- [Problem to solve]: Would you write out the entries below word for word, omitting the pictures?

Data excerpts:
○ ○ ○ ○

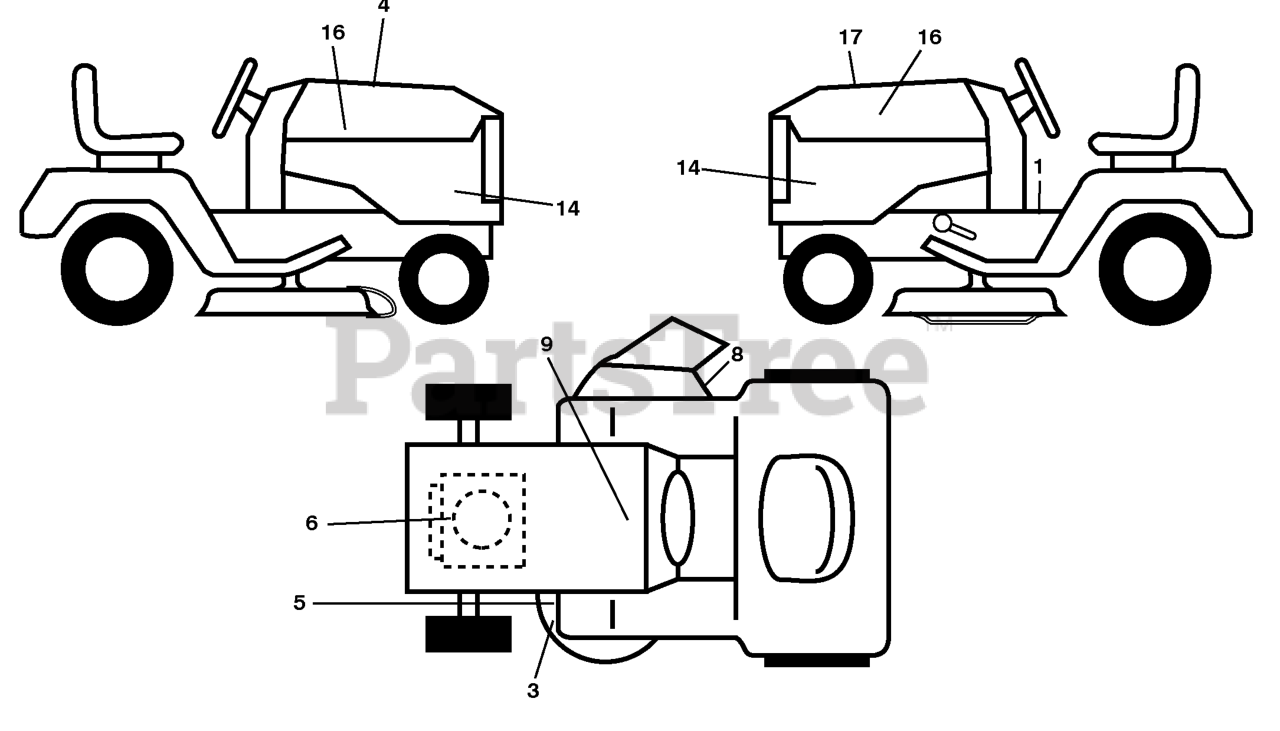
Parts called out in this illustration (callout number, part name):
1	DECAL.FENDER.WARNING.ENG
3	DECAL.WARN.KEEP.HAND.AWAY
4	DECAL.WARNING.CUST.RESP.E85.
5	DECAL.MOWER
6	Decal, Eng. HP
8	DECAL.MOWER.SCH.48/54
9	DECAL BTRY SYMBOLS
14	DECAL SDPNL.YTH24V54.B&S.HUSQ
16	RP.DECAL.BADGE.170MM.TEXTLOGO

○ ○ ○ ○

- [Task answer]:
Parts called out in this illustration (callout number, part name):
1	DECAL.FENDER.WARNING.ENG
3	DECAL.WARN.KEEP.HAND.AWAY
4	DECAL.WARNING.CUST.RESP.E85.
5	DECAL.MOWER
6	Decal, Eng. HP
8	DECAL.MOWER.SCH.48/54
9	DECAL BTRY SYMBOLS
14	DECAL SDPNL.YTH24V54.B&S.HUSQ
16	RP.DECAL.BADGE.170MM.TEXTLOGO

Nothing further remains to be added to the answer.